### Task to carry out
In the data that follows, find each line containing "Offset" and copy it.

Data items
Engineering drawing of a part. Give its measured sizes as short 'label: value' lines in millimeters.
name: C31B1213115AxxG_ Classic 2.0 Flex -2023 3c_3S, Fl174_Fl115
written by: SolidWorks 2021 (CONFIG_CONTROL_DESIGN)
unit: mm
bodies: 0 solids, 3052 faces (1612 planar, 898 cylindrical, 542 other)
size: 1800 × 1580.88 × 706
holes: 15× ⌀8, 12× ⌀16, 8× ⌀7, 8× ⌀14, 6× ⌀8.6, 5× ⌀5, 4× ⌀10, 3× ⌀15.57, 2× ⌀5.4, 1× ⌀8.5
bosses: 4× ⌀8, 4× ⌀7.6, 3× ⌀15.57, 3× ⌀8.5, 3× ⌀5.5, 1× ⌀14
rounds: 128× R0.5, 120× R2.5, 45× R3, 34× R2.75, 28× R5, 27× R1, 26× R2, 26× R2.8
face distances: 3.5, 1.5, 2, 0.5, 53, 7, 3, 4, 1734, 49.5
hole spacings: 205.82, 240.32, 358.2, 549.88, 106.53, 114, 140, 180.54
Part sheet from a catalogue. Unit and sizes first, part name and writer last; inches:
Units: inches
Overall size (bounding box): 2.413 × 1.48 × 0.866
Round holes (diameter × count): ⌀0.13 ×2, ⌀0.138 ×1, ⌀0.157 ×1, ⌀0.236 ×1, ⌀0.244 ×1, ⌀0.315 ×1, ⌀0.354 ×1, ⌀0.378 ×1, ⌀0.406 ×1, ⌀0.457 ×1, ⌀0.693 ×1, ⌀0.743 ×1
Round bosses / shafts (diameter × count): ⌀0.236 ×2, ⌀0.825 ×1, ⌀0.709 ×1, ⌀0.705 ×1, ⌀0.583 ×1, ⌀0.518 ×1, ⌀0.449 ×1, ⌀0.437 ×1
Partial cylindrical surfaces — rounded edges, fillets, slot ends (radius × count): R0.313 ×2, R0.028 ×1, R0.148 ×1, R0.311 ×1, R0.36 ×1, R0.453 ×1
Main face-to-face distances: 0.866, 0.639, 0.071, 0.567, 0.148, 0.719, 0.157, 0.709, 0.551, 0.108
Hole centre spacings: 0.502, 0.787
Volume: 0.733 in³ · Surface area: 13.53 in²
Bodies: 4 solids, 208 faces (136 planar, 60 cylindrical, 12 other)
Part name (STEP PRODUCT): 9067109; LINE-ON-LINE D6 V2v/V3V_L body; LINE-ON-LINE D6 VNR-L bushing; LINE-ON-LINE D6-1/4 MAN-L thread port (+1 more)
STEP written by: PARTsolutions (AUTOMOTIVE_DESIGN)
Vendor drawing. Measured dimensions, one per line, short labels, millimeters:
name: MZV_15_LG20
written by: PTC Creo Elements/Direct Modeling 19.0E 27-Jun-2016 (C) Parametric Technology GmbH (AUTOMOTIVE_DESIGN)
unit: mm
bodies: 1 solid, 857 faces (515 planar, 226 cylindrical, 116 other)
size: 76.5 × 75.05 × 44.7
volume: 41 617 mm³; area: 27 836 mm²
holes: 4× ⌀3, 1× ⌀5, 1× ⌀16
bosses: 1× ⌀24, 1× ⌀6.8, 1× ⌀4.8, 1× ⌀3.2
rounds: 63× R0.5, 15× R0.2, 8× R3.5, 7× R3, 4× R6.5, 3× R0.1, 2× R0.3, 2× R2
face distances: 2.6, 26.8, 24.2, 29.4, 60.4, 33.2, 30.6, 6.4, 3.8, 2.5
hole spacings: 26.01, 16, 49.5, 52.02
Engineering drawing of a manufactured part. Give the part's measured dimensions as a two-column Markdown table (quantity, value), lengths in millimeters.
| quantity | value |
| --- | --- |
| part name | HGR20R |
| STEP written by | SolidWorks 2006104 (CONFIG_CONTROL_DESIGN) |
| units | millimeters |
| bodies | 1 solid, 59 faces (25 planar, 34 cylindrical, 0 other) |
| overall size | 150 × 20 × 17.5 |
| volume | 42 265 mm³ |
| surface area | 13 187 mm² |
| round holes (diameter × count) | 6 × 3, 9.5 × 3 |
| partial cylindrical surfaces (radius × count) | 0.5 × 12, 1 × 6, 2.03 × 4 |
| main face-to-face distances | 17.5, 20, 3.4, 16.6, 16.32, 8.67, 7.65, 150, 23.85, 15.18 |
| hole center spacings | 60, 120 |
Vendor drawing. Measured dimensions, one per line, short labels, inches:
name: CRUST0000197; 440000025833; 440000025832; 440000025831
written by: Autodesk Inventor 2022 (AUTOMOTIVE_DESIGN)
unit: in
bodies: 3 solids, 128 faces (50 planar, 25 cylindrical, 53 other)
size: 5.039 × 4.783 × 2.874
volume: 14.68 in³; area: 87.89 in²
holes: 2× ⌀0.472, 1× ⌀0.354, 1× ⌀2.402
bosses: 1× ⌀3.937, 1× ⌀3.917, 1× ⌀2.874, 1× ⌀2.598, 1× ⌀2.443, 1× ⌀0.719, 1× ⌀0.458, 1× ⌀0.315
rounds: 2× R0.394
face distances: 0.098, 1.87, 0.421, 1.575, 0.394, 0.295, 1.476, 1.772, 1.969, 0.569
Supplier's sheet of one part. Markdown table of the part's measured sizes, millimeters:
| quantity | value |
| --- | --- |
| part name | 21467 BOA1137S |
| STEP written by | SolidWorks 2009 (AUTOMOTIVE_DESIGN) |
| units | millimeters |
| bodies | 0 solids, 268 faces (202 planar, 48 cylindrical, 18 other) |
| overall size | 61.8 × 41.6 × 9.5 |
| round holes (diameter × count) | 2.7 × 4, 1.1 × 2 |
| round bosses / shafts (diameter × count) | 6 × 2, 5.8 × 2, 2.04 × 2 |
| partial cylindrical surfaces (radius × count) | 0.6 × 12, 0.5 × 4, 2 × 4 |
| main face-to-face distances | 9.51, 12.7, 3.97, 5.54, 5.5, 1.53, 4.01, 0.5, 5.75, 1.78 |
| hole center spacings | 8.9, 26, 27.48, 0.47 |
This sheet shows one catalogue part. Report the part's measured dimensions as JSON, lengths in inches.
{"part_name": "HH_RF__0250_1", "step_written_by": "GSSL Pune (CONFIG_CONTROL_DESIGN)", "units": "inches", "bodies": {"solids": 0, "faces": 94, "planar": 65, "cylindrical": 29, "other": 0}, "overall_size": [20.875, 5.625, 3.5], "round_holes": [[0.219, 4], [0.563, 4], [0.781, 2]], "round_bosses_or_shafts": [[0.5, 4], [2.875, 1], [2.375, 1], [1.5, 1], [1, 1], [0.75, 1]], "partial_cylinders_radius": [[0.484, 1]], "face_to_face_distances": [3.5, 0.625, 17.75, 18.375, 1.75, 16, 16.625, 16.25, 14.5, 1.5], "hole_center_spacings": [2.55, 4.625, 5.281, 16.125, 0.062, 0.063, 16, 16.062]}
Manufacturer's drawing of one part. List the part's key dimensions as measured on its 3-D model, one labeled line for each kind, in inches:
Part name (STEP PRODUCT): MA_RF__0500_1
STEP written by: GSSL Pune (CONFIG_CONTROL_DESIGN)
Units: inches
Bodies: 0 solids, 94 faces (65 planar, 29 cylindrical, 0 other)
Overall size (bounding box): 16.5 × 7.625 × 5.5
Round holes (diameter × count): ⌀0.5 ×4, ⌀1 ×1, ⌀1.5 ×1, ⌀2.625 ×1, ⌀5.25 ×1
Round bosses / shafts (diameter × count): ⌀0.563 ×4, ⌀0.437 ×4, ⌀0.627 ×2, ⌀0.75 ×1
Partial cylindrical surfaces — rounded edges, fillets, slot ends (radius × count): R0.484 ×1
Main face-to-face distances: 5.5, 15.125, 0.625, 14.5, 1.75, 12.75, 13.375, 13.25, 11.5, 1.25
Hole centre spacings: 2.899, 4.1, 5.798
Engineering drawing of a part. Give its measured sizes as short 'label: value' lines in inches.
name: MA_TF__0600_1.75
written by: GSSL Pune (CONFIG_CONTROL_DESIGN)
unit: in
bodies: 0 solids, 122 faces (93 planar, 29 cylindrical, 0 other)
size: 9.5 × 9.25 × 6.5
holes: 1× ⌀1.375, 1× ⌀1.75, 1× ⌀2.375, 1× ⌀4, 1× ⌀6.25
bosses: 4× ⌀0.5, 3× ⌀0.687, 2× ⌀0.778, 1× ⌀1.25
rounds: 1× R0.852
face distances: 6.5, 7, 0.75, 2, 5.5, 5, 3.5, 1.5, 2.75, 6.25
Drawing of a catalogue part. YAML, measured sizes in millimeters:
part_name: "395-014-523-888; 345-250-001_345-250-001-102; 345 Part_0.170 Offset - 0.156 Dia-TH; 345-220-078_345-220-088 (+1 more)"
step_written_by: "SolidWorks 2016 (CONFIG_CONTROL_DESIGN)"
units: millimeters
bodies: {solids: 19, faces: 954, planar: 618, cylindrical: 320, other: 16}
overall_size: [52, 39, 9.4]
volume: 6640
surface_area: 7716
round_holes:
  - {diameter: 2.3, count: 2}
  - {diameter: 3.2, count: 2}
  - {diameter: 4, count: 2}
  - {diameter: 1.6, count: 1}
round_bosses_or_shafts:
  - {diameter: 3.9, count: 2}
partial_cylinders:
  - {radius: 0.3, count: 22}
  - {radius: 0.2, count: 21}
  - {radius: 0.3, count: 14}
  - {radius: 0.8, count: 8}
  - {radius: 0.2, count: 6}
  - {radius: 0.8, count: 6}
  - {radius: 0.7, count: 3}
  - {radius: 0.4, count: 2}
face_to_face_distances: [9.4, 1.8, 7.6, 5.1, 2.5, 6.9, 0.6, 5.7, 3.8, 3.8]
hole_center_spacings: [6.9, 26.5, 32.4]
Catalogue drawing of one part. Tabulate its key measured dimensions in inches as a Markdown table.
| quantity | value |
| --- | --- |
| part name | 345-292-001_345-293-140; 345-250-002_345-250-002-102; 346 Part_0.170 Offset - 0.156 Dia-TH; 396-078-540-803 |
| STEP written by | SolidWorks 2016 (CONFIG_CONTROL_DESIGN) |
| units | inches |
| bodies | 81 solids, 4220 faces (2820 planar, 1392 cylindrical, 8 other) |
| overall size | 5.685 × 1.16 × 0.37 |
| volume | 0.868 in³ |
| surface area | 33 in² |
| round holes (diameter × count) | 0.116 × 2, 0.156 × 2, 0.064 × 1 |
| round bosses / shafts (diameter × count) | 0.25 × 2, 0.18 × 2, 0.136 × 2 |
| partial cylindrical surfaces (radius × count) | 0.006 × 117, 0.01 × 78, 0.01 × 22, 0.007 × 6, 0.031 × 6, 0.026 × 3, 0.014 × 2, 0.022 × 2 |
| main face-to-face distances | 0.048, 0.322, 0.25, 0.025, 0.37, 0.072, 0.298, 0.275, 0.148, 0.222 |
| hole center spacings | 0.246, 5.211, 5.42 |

### Exercise answer
part_name: "395-014-523-888; 345-250-001_345-250-001-102; 345 Part_0.170 Offset - 0.156 Dia-TH; 345-220-078_345-220-088 (+1 more)"
| part name | 345-292-001_345-293-140; 345-250-002_345-250-002-102; 346 Part_0.170 Offset - 0.156 Dia-TH; 396-078-540-803 |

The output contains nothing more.